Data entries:
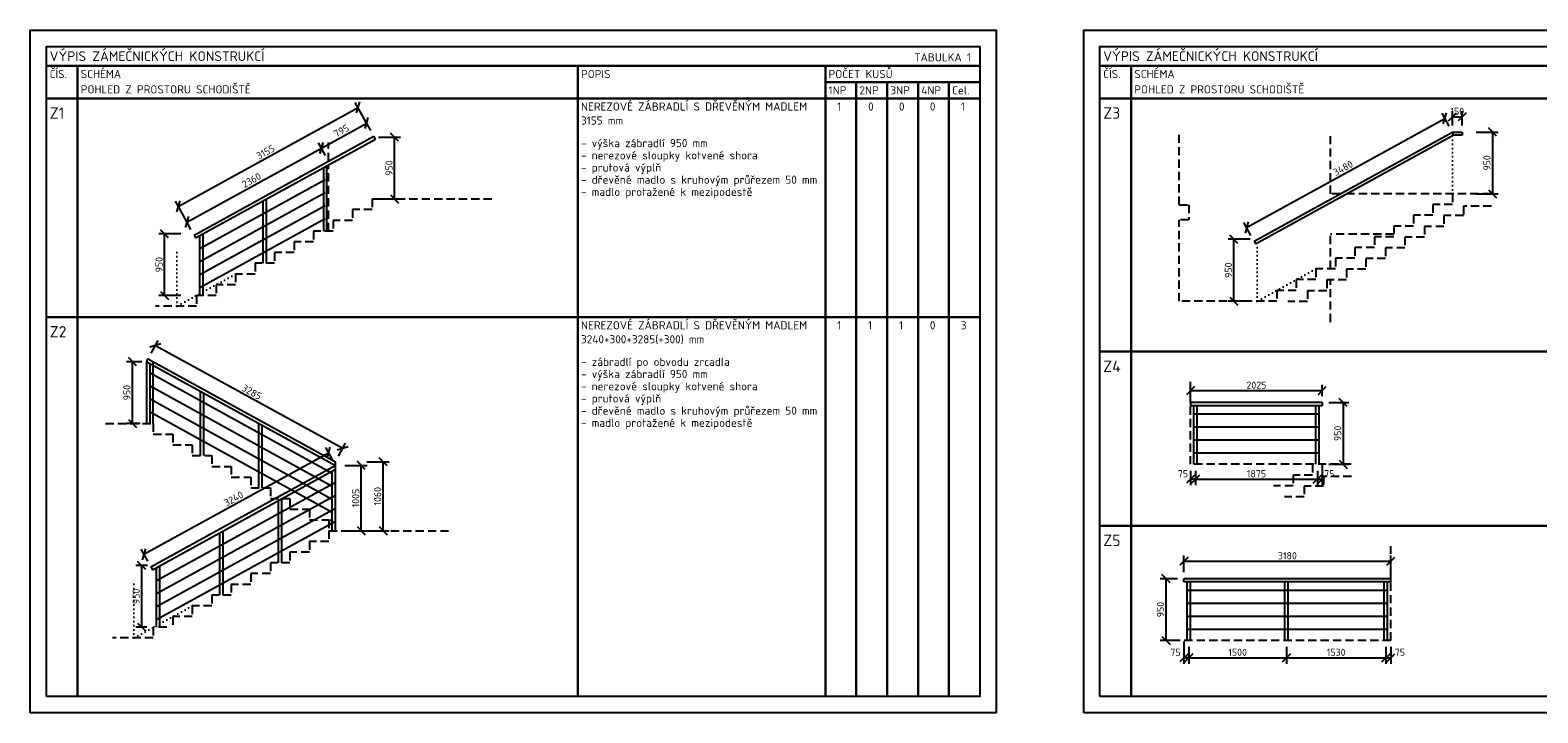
# Model space of a CAD drawing. Header units: millimetres. Extents: x -118752 to 407724, y -73278 to 155058.
# Tile 86 of 256: x -85684 to -62505, y 103053 to 113553. Entities that reach past the tile are written whole.
import ezdxf

# ---------------------------------------------------------------- set-up
doc = ezdxf.new("R2010")
doc.units = ezdxf.units.MM
doc.header["$LTSCALE"] = 10
doc.linetypes.add('DASHED', pattern=[19.05, 12.7, -6.35])
doc.linetypes.add('DOT', pattern=[6.35, 0, -6.35])
for name, color, linetype, lineweight in [('CKKOTY', 3, 'Continuous', 25), ('CKTABULKY', 7, 'Continuous', 25), ('pohledy', 7, 'Continuous', 25)]:
    doc.layers.add(name, color=color, linetype=linetype, lineweight=lineweight)
doc.styles.get("Standard").update_dxf_attribs({"font": 'isocpeur.ttf'})
doc.styles.add('TABULKY', font='isocpeur.ttf')
doc.dimstyles.new('CADKON obrazky', dxfattribs={"dimscale": 50, "dimtxt": 2.2, "dimasz": 2.5, "dimexe": 1.8, "dimexo": 2, "dimgap": 0.6, "dimtad": 1, "dimrnd": 1, "dimtxsty": 'Standard', "dimblk1": 'OBLIQUE', "dimblk2": 'OBLIQUE', "dimsah": 1, "dimcen": 2.5, "dimadec": 1, "dimazin": 2, "dimtfac": 1, "dimtdec": 4, "dimtix": 1, "dimtmove": 2, "dimatfit": 3, "dimldrblk": 'OPEN30', "dimfxl": 5, "dimfxlon": 1, "dimtolj": 1, "dimarcsym": 0})

# ---------------------------------------------------------------- blocks, each defined once
blk = doc.blocks.new('_OBLIQUE')
at = {"color": 0, "linetype": 'ByBlock'}
blk.add_line((-0.5, -0.5), (0.5, 0.5), dxfattribs=at)
blk = doc.blocks.new('*D8603')
at = {"layer": 'CKKOTY', "color": 0, "lineweight": -2}
for p, q in [((-67945, 105217), (-67945, 105475)), ((-64765, 105217), (-64765, 105475)), ((-67945, 105385), (-64765, 105385))]:
    blk.add_line(p, q, dxfattribs=at)
at = {"layer": 'Defpoints', "color": 0}
for p in [(-64765, 105385), (-67945, 105117), (-64765, 105117)]:
    blk.add_point(p, dxfattribs=at)
at = {"layer": 'CKKOTY', "color": 0, "lineweight": -2, "xscale": 125, "yscale": 125, "zscale": 125, "rotation": 180}
blk.add_blockref('_OBLIQUE', (-67945, 105385), dxfattribs=at)
at = {"layer": 'CKKOTY', "color": 0, "lineweight": -2, "xscale": 125, "yscale": 125, "zscale": 125}
blk.add_blockref('_OBLIQUE', (-64765, 105385), dxfattribs=at)
at = {"layer": 'CKKOTY', "color": 0, "insert": (-66355, 105470), "char_height": 110, "attachment_point": 5}
blk.add_mtext('\\A1;3180', dxfattribs=at)
blk = doc.blocks.new('_Open30')
at = {"color": 0, "lineweight": -2}
for p, q in [((-1, 0.27), (0, 0)), ((0, 0), (-1, -0.27)), ((0, 0), (-1, 0))]:
    blk.add_line(p, q, dxfattribs=at)
blk = doc.blocks.new('*D8604')
at = {"layer": 'CKKOTY', "color": 0, "lineweight": -2}
for p, q in [((-67870, 104067), (-67870, 103809)), ((-67870, 103899), (-66370, 103899)), ((-66370, 104067), (-66370, 103809))]:
    blk.add_line(p, q, dxfattribs=at)
at = {"layer": 'Defpoints', "color": 0}
for p in [(-67870, 104167), (-66370, 104167), (-66370, 103899)]:
    blk.add_point(p, dxfattribs=at)
at = {"layer": 'CKKOTY', "color": 0, "lineweight": -2, "xscale": 125, "yscale": 125, "zscale": 125, "rotation": 180}
blk.add_blockref('_OBLIQUE', (-67870, 103899), dxfattribs=at)
at = {"layer": 'CKKOTY', "color": 0, "lineweight": -2, "xscale": 125, "yscale": 125, "zscale": 125}
blk.add_blockref('_OBLIQUE', (-66370, 103899), dxfattribs=at)
at = {"layer": 'CKKOTY', "color": 0, "insert": (-67120, 103984), "char_height": 110, "attachment_point": 5}
blk.add_mtext('\\A1;1500', dxfattribs=at)
blk = doc.blocks.new('*D8605')
at = {"layer": 'CKKOTY', "color": 0, "lineweight": -2}
for p, q in [((-66370, 104067), (-66370, 103809)), ((-66370, 103899), (-64840, 103899)), ((-64840, 104067), (-64840, 103809))]:
    blk.add_line(p, q, dxfattribs=at)
at = {"layer": 'Defpoints', "color": 0}
for p in [(-66370, 104167), (-64840, 104167), (-64840, 103899)]:
    blk.add_point(p, dxfattribs=at)
at = {"layer": 'CKKOTY', "color": 0, "lineweight": -2, "xscale": 125, "yscale": 125, "zscale": 125, "rotation": 180}
blk.add_blockref('_OBLIQUE', (-66370, 103899), dxfattribs=at)
at = {"layer": 'CKKOTY', "color": 0, "lineweight": -2, "xscale": 125, "yscale": 125, "zscale": 125}
blk.add_blockref('_OBLIQUE', (-64840, 103899), dxfattribs=at)
at = {"layer": 'CKKOTY', "color": 0, "insert": (-65605, 103984), "char_height": 110, "attachment_point": 5}
blk.add_mtext('\\A1;1530', dxfattribs=at)
blk = doc.blocks.new('*D8606')
at = {"layer": 'CKKOTY', "color": 0, "lineweight": -2}
for p, q in [((-68045, 105117), (-68312, 105117)), ((-68222, 105117), (-68222, 104167)), ((-68045, 104167), (-68312, 104167))]:
    blk.add_line(p, q, dxfattribs=at)
at = {"layer": 'Defpoints', "color": 0}
for p in [(-67945, 105117), (-68222, 104167), (-67945, 104167)]:
    blk.add_point(p, dxfattribs=at)
at = {"layer": 'CKKOTY', "color": 0, "lineweight": -2, "xscale": 125, "yscale": 125, "zscale": 125}
for p, rotation in [((-68222, 105117), 90), ((-68222, 104167), 270)]:
    blk.add_blockref('_OBLIQUE', p, dxfattribs=dict(at, rotation=rotation))
at = {"layer": 'CKKOTY', "color": 0, "insert": (-68307, 104642), "char_height": 110, "attachment_point": 5, "rotation": 90}
blk.add_mtext('\\A1;950', dxfattribs=at)
blk = doc.blocks.new('*D8607')
at = {"layer": 'CKKOTY', "color": 0, "lineweight": -2}
for p, q in [((-67945, 104149), (-67945, 103809)), ((-67870, 103899), (-67945, 103899)), ((-67870, 104067), (-67870, 103809))]:
    blk.add_line(p, q, dxfattribs=at)
at = {"layer": 'Defpoints', "color": 0}
for p in [(-67945, 105067), (-67870, 104167), (-67945, 103899)]:
    blk.add_point(p, dxfattribs=at)
at = {"layer": 'CKKOTY', "color": 0, "lineweight": -2, "xscale": 125, "yscale": 125, "zscale": 125, "rotation": 180}
blk.add_blockref('_OBLIQUE', (-67945, 103899), dxfattribs=at)
at = {"layer": 'CKKOTY', "color": 0, "lineweight": -2, "xscale": 125, "yscale": 125, "zscale": 125}
blk.add_blockref('_OBLIQUE', (-67870, 103899), dxfattribs=at)
at = {"layer": 'CKKOTY', "color": 0, "insert": (-68076, 103984), "char_height": 110, "attachment_point": 5}
blk.add_mtext('\\A1;75', dxfattribs=at)
blk = doc.blocks.new('*D8608')
at = {"layer": 'CKKOTY', "color": 0, "lineweight": -2}
for p, q in [((-64840, 104067), (-64840, 103809)), ((-64840, 103899), (-64765, 103899)), ((-64765, 104067), (-64765, 103809))]:
    blk.add_line(p, q, dxfattribs=at)
at = {"layer": 'Defpoints', "color": 0}
for p in [(-64840, 104167), (-64765, 104167), (-64765, 103899)]:
    blk.add_point(p, dxfattribs=at)
at = {"layer": 'CKKOTY', "color": 0, "lineweight": -2, "xscale": 125, "yscale": 125, "zscale": 125, "rotation": 180}
blk.add_blockref('_OBLIQUE', (-64840, 103899), dxfattribs=at)
at = {"layer": 'CKKOTY', "color": 0, "lineweight": -2, "xscale": 125, "yscale": 125, "zscale": 125}
blk.add_blockref('_OBLIQUE', (-64765, 103899), dxfattribs=at)
at = {"layer": 'CKKOTY', "color": 0, "insert": (-64625, 103984), "char_height": 110, "attachment_point": 5}
blk.add_mtext('\\A1;75', dxfattribs=at)
blk = doc.blocks.new('*D8609')
at = {"layer": 'CKKOTY', "color": 0, "lineweight": -2}
for p, q in [((-67844, 107926), (-67844, 108099)), ((-65819, 107926), (-65819, 108099)), ((-67844, 108009), (-65819, 108009))]:
    blk.add_line(p, q, dxfattribs=at)
at = {"layer": 'Defpoints', "color": 0}
for p in [(-67844, 107826), (-65819, 108009), (-65819, 107826)]:
    blk.add_point(p, dxfattribs=at)
at = {"layer": 'CKKOTY', "color": 0, "lineweight": -2, "xscale": 125, "yscale": 125, "zscale": 125, "rotation": 180}
blk.add_blockref('_OBLIQUE', (-67844, 108009), dxfattribs=at)
at = {"layer": 'CKKOTY', "color": 0, "lineweight": -2, "xscale": 125, "yscale": 125, "zscale": 125}
blk.add_blockref('_OBLIQUE', (-65819, 108009), dxfattribs=at)
at = {"layer": 'CKKOTY', "color": 0, "insert": (-66831, 108094), "char_height": 110, "attachment_point": 5}
blk.add_mtext('\\A1;2025', dxfattribs=at)
blk = doc.blocks.new('*D8610')
at = {"layer": 'CKKOTY', "color": 0, "lineweight": -2}
for p, q in [((-65719, 107826), (-65408, 107826)), ((-65498, 107826), (-65498, 106876)), ((-65719, 106876), (-65408, 106876))]:
    blk.add_line(p, q, dxfattribs=at)
at = {"layer": 'Defpoints', "color": 0}
for p in [(-65819, 107826), (-65819, 106876), (-65498, 106876)]:
    blk.add_point(p, dxfattribs=at)
at = {"layer": 'CKKOTY', "color": 0, "lineweight": -2, "xscale": 125, "yscale": 125, "zscale": 125}
for p, rotation in [((-65498, 107826), 90), ((-65498, 106876), 270)]:
    blk.add_blockref('_OBLIQUE', p, dxfattribs=dict(at, rotation=rotation))
at = {"layer": 'CKKOTY', "color": 0, "insert": (-65583, 107351), "char_height": 110, "attachment_point": 5, "rotation": 90}
blk.add_mtext('\\A1;950', dxfattribs=at)
blk = doc.blocks.new('*D8611')
at = {"layer": 'CKKOTY', "color": 0, "lineweight": -2}
for p, q in [((-67769, 106776), (-67769, 106556)), ((-67769, 106646), (-65894, 106646)), ((-65894, 106776), (-65894, 106556))]:
    blk.add_line(p, q, dxfattribs=at)
at = {"layer": 'Defpoints', "color": 0}
for p in [(-67769, 106876), (-65894, 106876), (-65894, 106646)]:
    blk.add_point(p, dxfattribs=at)
at = {"layer": 'CKKOTY', "color": 0, "lineweight": -2, "xscale": 125, "yscale": 125, "zscale": 125, "rotation": 180}
blk.add_blockref('_OBLIQUE', (-67769, 106646), dxfattribs=at)
at = {"layer": 'CKKOTY', "color": 0, "lineweight": -2, "xscale": 125, "yscale": 125, "zscale": 125}
blk.add_blockref('_OBLIQUE', (-65894, 106646), dxfattribs=at)
at = {"layer": 'CKKOTY', "color": 0, "insert": (-66831, 106731), "char_height": 110, "attachment_point": 5}
blk.add_mtext('\\A1;1875', dxfattribs=at)
blk = doc.blocks.new('*D8612')
at = {"layer": 'CKKOTY', "color": 0, "lineweight": -2}
for p, q in [((-65819, 106896), (-65819, 106556)), ((-65894, 106776), (-65894, 106556)), ((-65894, 106646), (-65819, 106646))]:
    blk.add_line(p, q, dxfattribs=at)
at = {"layer": 'Defpoints', "color": 0}
for p in [(-65819, 107776), (-65894, 106876), (-65819, 106646)]:
    blk.add_point(p, dxfattribs=at)
at = {"layer": 'CKKOTY', "color": 0, "lineweight": -2, "xscale": 125, "yscale": 125, "zscale": 125, "rotation": 180}
blk.add_blockref('_OBLIQUE', (-65894, 106646), dxfattribs=at)
at = {"layer": 'CKKOTY', "color": 0, "lineweight": -2, "xscale": 125, "yscale": 125, "zscale": 125}
blk.add_blockref('_OBLIQUE', (-65819, 106646), dxfattribs=at)
at = {"layer": 'CKKOTY', "color": 0, "insert": (-65710, 106731), "char_height": 110, "attachment_point": 5}
blk.add_mtext('\\A1;75', dxfattribs=at)
blk = doc.blocks.new('*D8613')
at = {"layer": 'CKKOTY', "color": 0, "lineweight": -2}
for p, q in [((-67844, 106776), (-67844, 106556)), ((-67769, 106646), (-67844, 106646)), ((-67769, 106776), (-67769, 106556))]:
    blk.add_line(p, q, dxfattribs=at)
at = {"layer": 'Defpoints', "color": 0}
for p in [(-67844, 106876), (-67769, 106876), (-67844, 106646)]:
    blk.add_point(p, dxfattribs=at)
at = {"layer": 'CKKOTY', "color": 0, "lineweight": -2, "xscale": 125, "yscale": 125, "zscale": 125, "rotation": 180}
blk.add_blockref('_OBLIQUE', (-67844, 106646), dxfattribs=at)
at = {"layer": 'CKKOTY', "color": 0, "lineweight": -2, "xscale": 125, "yscale": 125, "zscale": 125}
blk.add_blockref('_OBLIQUE', (-67769, 106646), dxfattribs=at)
at = {"layer": 'CKKOTY', "color": 0, "insert": (-67961, 106731), "char_height": 110, "attachment_point": 5}
blk.add_mtext('\\A1;75', dxfattribs=at)
blk = doc.blocks.new('*D8614')
at = {"layer": 'CKKOTY', "color": 0, "lineweight": -2}
for p, q in [((-63818, 112086), (-63818, 112309)), ((-63818, 112219), (-63668, 112219)), ((-63668, 112086), (-63668, 112309))]:
    blk.add_line(p, q, dxfattribs=at)
at = {"layer": 'Defpoints', "color": 0}
for p in [(-63668, 112219), (-63818, 111986), (-63668, 111986)]:
    blk.add_point(p, dxfattribs=at)
at = {"layer": 'CKKOTY', "color": 0, "lineweight": -2, "xscale": 125, "yscale": 125, "zscale": 125}
blk.add_blockref('_OBLIQUE', (-63818, 112219), dxfattribs=at)
at = {"layer": 'CKKOTY', "color": 0, "lineweight": -2, "xscale": 125, "yscale": 125, "zscale": 125, "rotation": 180}
blk.add_blockref('_OBLIQUE', (-63668, 112219), dxfattribs=at)
at = {"layer": 'CKKOTY', "color": 0, "insert": (-63743, 112304), "char_height": 110, "attachment_point": 5}
blk.add_mtext('\\A1;150', dxfattribs=at)
blk = doc.blocks.new('*D8615')
at = {"layer": 'CKKOTY', "color": 0, "lineweight": -2}
for p, q in [((-66982, 110518), (-63933, 112195)), ((-63866, 112074), (-63976, 112274)), ((-66915, 110397), (-67025, 110597))]:
    blk.add_line(p, q, dxfattribs=at)
at = {"layer": 'Defpoints', "color": 0}
for p in [(-63933, 112195), (-63818, 111986), (-66867, 110309)]:
    blk.add_point(p, dxfattribs=at)
at = {"layer": 'CKKOTY', "color": 0, "lineweight": -2, "xscale": 125, "yscale": 125, "zscale": 125}
for p, rotation in [((-63933, 112195), 28.8107937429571), ((-66982, 110518), 208.8107937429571)]:
    blk.add_blockref('_OBLIQUE', p, dxfattribs=dict(at, rotation=rotation))
at = {"layer": 'CKKOTY', "color": 0, "insert": (-65498, 111431), "char_height": 110, "attachment_point": 5, "rotation": 28.8108}
blk.add_mtext('\\A1;3480', dxfattribs=at)
blk = doc.blocks.new('*D8616')
at = {"layer": 'CKKOTY', "color": 0, "lineweight": -2}
for p, q in [((-66927, 110336), (-67267, 110336)), ((-67177, 109386), (-67177, 110336)), ((-66927, 109386), (-67267, 109386))]:
    blk.add_line(p, q, dxfattribs=at)
at = {"layer": 'Defpoints', "color": 0}
for p in [(-67177, 110336), (-66818, 110336), (-66818, 109386)]:
    blk.add_point(p, dxfattribs=at)
at = {"layer": 'CKKOTY', "color": 0, "lineweight": -2, "xscale": 125, "yscale": 125, "zscale": 125}
for p, rotation in [((-67177, 110336), 90), ((-67177, 109386), 270)]:
    blk.add_blockref('_OBLIQUE', p, dxfattribs=dict(at, rotation=rotation))
at = {"layer": 'CKKOTY', "color": 0, "insert": (-67262, 109861), "char_height": 110, "attachment_point": 5, "rotation": 90}
blk.add_mtext('\\A1;950', dxfattribs=at)
blk = doc.blocks.new('*D8617')
at = {"layer": 'CKKOTY', "color": 0, "lineweight": -2}
for p, q in [((-63453, 111986), (-63113, 111986)), ((-63203, 111986), (-63203, 111036)), ((-63453, 111036), (-63113, 111036))]:
    blk.add_line(p, q, dxfattribs=at)
at = {"layer": 'Defpoints', "color": 0}
for p in [(-63668, 111986), (-63668, 111036), (-63203, 111036)]:
    blk.add_point(p, dxfattribs=at)
at = {"layer": 'CKKOTY', "color": 0, "lineweight": -2, "xscale": 125, "yscale": 125, "zscale": 125}
for p, rotation in [((-63203, 111986), 90), ((-63203, 111036), 270)]:
    blk.add_blockref('_OBLIQUE', p, dxfattribs=dict(at, rotation=rotation))
at = {"layer": 'CKKOTY', "color": 0, "insert": (-63288, 111511), "char_height": 110, "attachment_point": 5, "rotation": 90}
blk.add_mtext('\\A1;950', dxfattribs=at)
blk = doc.blocks.new('*D8618')
at = {"layer": 'CKKOTY', "color": 0, "lineweight": -2}
for p, q in [((-83877, 105320), (-84059, 105320)), ((-83969, 104370), (-83969, 105320)), ((-83891, 104370), (-84059, 104370))]:
    blk.add_line(p, q, dxfattribs=at)
at = {"layer": 'Defpoints', "color": 0}
for p in [(-83969, 105320), (-83777, 105320), (-83791, 104370)]:
    blk.add_point(p, dxfattribs=at)
at = {"layer": 'CKKOTY', "color": 0, "lineweight": -2, "xscale": 125, "yscale": 125, "zscale": 125}
for p, rotation in [((-83969, 105320), 90), ((-83969, 104370), 270)]:
    blk.add_blockref('_OBLIQUE', p, dxfattribs=dict(at, rotation=rotation))
at = {"layer": 'CKKOTY', "color": 0, "insert": (-84054, 104845), "char_height": 110, "attachment_point": 5, "rotation": 90}
blk.add_mtext('\\A1;950', dxfattribs=at)
blk = doc.blocks.new('*D8619')
at = {"layer": 'CKKOTY', "color": 0, "lineweight": -2}
for p, q in [((-80506, 106915), (-80166, 106915)), ((-80256, 105855), (-80256, 106915)), ((-80506, 105855), (-80166, 105855))]:
    blk.add_line(p, q, dxfattribs=at)
at = {"layer": 'Defpoints', "color": 0}
for p in [(-80991, 106915), (-80256, 106915), (-80991, 105855)]:
    blk.add_point(p, dxfattribs=at)
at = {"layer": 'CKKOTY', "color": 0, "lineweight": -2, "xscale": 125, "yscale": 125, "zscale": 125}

WHAT YOU ARE ASKED TO DO: From the entries, copy out each line containing the word "units".

RESPONSE FOR THIS EXERCISE:
# Model space of a CAD drawing. Header units: millimetres. Extents: x -118752 to 407724, y -73278 to 155058.
doc.units = ezdxf.units.MM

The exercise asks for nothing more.